# WORK ORDER:
Anywhere the string "source" shows up in the listing below, copy the line it is in.

# DATA UNDER STUDY:
++++++++++++++++++++

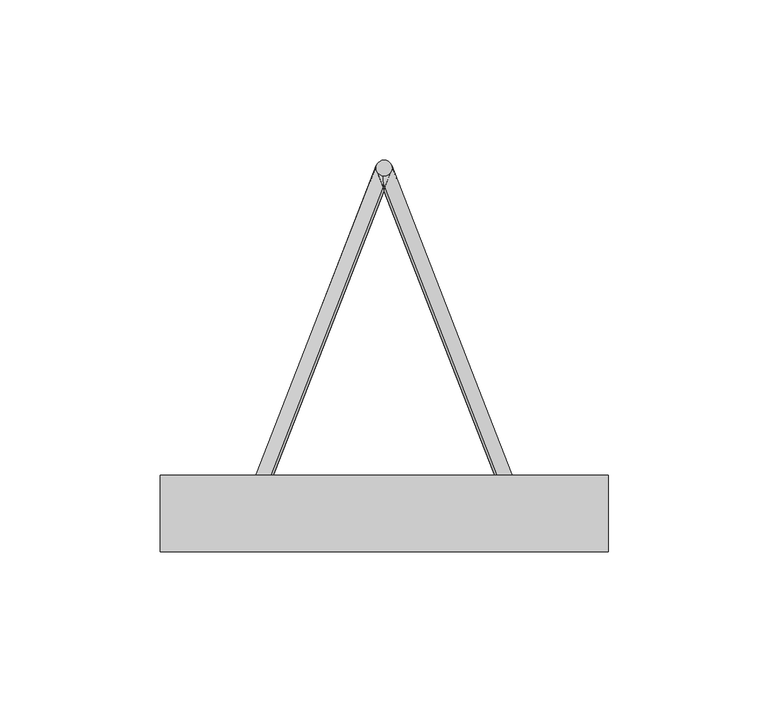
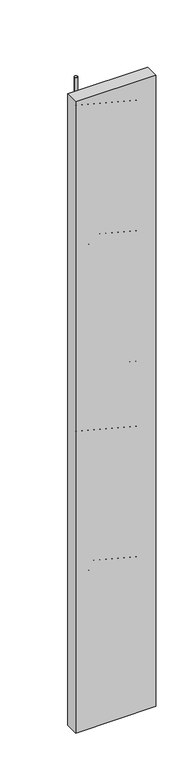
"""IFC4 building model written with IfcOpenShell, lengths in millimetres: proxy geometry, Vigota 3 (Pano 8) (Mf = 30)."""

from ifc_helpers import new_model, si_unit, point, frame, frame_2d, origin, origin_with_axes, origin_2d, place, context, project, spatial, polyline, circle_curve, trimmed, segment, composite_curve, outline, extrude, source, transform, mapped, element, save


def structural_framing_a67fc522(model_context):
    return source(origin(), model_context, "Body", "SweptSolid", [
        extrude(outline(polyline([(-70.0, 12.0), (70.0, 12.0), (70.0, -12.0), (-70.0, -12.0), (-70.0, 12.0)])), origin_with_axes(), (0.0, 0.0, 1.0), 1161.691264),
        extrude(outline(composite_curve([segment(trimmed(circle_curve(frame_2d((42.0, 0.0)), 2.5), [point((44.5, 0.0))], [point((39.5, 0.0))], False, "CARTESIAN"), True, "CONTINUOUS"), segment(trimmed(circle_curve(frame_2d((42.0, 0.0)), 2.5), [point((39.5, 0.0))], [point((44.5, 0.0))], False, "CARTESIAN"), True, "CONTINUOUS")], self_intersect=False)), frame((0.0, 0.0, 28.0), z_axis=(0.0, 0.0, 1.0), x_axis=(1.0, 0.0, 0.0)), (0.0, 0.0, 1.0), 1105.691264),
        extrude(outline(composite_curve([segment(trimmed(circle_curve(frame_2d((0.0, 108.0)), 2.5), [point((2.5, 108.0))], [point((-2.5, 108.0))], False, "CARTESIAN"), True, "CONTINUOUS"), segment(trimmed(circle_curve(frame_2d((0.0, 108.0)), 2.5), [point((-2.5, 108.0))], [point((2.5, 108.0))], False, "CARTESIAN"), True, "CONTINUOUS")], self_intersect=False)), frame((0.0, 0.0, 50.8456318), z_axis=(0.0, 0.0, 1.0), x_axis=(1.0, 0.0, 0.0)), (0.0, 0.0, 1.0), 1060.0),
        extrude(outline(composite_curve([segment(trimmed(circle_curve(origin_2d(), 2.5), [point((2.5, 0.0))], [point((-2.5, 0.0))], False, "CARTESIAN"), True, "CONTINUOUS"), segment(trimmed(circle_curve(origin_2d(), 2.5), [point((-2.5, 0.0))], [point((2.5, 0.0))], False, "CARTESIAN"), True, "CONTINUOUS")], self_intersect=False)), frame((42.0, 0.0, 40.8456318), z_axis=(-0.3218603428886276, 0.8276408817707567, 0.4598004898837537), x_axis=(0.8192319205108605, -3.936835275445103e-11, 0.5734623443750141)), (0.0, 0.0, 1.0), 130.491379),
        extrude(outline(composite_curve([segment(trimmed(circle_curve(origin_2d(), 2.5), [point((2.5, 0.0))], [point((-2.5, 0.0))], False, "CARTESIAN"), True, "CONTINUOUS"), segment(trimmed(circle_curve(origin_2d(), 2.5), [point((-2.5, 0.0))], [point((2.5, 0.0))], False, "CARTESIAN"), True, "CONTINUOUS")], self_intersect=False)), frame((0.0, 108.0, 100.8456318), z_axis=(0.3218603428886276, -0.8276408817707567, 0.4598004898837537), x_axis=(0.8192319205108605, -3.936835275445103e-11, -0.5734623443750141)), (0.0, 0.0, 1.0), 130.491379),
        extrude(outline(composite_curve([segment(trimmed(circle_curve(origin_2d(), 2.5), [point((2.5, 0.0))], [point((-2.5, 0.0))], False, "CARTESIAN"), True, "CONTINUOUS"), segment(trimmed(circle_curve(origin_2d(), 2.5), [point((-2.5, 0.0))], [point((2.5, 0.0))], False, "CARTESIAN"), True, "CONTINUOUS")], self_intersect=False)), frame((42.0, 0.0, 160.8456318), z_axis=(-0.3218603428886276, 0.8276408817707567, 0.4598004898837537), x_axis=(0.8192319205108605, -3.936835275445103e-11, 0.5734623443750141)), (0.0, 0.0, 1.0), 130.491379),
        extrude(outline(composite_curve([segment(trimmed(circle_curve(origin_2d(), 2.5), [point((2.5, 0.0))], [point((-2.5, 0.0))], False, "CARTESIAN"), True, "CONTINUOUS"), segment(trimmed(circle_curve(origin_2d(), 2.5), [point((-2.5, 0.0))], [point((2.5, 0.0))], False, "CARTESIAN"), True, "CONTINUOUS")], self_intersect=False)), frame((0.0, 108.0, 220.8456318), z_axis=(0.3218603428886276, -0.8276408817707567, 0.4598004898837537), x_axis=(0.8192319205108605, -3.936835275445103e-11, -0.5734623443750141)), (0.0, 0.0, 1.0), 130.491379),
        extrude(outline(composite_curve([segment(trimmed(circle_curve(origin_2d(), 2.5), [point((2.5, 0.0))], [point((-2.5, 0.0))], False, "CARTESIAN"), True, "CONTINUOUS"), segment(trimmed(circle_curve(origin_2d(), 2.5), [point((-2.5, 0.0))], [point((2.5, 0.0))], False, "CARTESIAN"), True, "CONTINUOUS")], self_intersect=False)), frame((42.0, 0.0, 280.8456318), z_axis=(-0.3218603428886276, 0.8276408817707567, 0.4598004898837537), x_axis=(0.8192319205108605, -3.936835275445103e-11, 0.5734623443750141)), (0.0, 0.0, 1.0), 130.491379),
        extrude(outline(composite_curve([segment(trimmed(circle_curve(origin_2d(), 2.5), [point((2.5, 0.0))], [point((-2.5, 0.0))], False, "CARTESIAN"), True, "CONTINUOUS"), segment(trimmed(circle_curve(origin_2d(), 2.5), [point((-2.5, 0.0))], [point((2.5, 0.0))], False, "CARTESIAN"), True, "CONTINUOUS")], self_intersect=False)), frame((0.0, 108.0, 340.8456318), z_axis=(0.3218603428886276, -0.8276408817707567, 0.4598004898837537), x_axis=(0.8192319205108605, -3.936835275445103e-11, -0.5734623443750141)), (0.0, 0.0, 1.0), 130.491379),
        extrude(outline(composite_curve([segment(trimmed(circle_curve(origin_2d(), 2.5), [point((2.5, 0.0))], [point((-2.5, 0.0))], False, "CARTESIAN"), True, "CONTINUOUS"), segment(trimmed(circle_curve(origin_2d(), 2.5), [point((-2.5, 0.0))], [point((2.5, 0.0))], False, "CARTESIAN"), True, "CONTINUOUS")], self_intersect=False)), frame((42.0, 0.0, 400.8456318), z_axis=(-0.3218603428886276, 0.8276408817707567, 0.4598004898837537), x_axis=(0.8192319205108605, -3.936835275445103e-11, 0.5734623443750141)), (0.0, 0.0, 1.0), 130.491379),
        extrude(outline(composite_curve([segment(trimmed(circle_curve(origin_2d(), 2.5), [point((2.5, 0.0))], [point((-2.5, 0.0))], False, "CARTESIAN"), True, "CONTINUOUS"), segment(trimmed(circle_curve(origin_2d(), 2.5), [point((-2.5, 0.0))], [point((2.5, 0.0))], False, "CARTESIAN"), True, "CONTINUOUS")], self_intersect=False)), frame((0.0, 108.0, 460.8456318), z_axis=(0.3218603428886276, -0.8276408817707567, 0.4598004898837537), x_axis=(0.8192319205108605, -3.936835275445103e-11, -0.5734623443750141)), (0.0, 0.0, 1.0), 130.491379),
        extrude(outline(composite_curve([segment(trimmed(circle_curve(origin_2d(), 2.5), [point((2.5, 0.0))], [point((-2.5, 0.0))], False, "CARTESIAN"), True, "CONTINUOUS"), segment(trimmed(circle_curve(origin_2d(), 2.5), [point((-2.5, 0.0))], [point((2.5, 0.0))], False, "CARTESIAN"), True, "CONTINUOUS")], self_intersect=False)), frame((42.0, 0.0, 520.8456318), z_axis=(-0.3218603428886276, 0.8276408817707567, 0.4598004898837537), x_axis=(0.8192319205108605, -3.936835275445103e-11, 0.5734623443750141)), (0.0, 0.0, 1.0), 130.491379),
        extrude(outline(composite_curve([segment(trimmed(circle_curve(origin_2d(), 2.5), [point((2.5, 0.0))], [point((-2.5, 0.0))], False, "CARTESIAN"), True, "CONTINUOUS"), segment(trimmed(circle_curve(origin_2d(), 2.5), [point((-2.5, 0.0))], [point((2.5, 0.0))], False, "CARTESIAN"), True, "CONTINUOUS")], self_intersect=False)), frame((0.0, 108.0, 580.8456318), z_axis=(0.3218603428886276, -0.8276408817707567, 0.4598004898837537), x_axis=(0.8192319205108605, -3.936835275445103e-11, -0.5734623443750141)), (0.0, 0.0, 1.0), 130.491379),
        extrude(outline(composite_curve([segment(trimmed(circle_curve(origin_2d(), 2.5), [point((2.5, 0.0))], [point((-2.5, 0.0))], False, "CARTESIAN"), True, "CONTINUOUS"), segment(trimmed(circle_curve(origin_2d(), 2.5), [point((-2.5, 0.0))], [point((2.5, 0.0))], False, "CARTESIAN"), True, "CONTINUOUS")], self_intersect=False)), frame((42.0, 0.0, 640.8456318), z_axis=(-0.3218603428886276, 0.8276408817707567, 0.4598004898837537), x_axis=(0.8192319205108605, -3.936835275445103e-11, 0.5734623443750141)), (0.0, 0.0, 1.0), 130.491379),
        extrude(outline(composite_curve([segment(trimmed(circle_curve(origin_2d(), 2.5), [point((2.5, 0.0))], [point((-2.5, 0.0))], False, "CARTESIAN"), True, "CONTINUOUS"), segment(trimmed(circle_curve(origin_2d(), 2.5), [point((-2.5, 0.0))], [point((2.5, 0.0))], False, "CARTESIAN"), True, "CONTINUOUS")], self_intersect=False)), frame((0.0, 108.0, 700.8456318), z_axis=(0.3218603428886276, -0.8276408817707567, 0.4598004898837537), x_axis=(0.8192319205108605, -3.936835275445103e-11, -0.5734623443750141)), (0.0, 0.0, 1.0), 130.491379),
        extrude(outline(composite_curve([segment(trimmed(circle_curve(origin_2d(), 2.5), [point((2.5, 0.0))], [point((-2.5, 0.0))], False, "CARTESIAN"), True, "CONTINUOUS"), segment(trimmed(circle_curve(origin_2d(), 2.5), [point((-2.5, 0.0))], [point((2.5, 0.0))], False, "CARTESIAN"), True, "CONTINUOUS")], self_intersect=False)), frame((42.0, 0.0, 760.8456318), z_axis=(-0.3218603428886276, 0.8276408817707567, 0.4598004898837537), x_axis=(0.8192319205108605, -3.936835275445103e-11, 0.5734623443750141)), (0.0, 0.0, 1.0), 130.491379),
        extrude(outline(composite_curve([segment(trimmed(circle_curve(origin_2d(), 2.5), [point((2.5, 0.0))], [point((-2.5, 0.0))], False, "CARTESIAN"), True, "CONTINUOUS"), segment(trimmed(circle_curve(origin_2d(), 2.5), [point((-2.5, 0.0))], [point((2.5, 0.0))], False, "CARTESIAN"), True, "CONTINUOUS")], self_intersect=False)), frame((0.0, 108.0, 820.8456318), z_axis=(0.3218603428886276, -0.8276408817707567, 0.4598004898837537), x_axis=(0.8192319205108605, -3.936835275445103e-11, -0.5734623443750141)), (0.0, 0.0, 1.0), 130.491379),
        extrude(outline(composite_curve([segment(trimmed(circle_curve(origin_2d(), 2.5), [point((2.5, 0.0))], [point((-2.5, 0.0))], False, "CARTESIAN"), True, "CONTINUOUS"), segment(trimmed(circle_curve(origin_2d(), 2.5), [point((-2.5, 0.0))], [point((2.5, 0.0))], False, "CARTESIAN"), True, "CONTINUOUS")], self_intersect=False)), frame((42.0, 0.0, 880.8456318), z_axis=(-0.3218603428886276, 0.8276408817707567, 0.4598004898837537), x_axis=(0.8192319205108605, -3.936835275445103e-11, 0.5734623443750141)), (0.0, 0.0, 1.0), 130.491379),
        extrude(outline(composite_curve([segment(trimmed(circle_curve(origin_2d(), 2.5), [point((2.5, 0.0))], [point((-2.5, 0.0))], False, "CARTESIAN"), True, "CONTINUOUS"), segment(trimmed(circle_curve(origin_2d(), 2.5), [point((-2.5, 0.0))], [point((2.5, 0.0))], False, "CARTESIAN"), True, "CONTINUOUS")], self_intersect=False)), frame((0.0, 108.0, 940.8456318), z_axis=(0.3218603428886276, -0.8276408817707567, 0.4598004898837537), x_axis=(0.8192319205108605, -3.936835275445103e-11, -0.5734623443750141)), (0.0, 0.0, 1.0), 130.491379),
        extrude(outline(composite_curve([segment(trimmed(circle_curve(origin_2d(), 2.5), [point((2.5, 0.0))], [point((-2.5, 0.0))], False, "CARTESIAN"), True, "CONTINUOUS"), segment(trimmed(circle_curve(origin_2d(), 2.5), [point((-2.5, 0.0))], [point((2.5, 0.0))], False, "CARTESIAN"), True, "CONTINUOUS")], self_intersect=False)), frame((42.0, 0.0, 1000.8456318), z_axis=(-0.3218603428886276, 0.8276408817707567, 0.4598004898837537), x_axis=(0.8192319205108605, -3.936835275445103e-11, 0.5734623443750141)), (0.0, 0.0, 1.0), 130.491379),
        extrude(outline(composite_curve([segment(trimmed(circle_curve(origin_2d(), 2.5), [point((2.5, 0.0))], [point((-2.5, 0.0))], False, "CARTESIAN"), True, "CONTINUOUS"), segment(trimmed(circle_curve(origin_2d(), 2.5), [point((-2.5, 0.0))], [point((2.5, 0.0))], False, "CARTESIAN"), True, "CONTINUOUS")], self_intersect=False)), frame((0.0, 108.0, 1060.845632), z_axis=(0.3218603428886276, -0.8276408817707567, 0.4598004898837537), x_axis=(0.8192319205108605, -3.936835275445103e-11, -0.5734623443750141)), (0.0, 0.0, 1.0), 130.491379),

++++++++++++++++++++

# ANSWER BELOW:
from ifc_helpers import new_model, si_unit, point, frame, frame_2d, origin, origin_with_axes, origin_2d, place, context, project, spatial, polyline, circle_curve, trimmed, segment, composite_curve, outline, extrude, source, transform, mapped, element, save
    return source(origin(), model_context, "Body", "SweptSolid", [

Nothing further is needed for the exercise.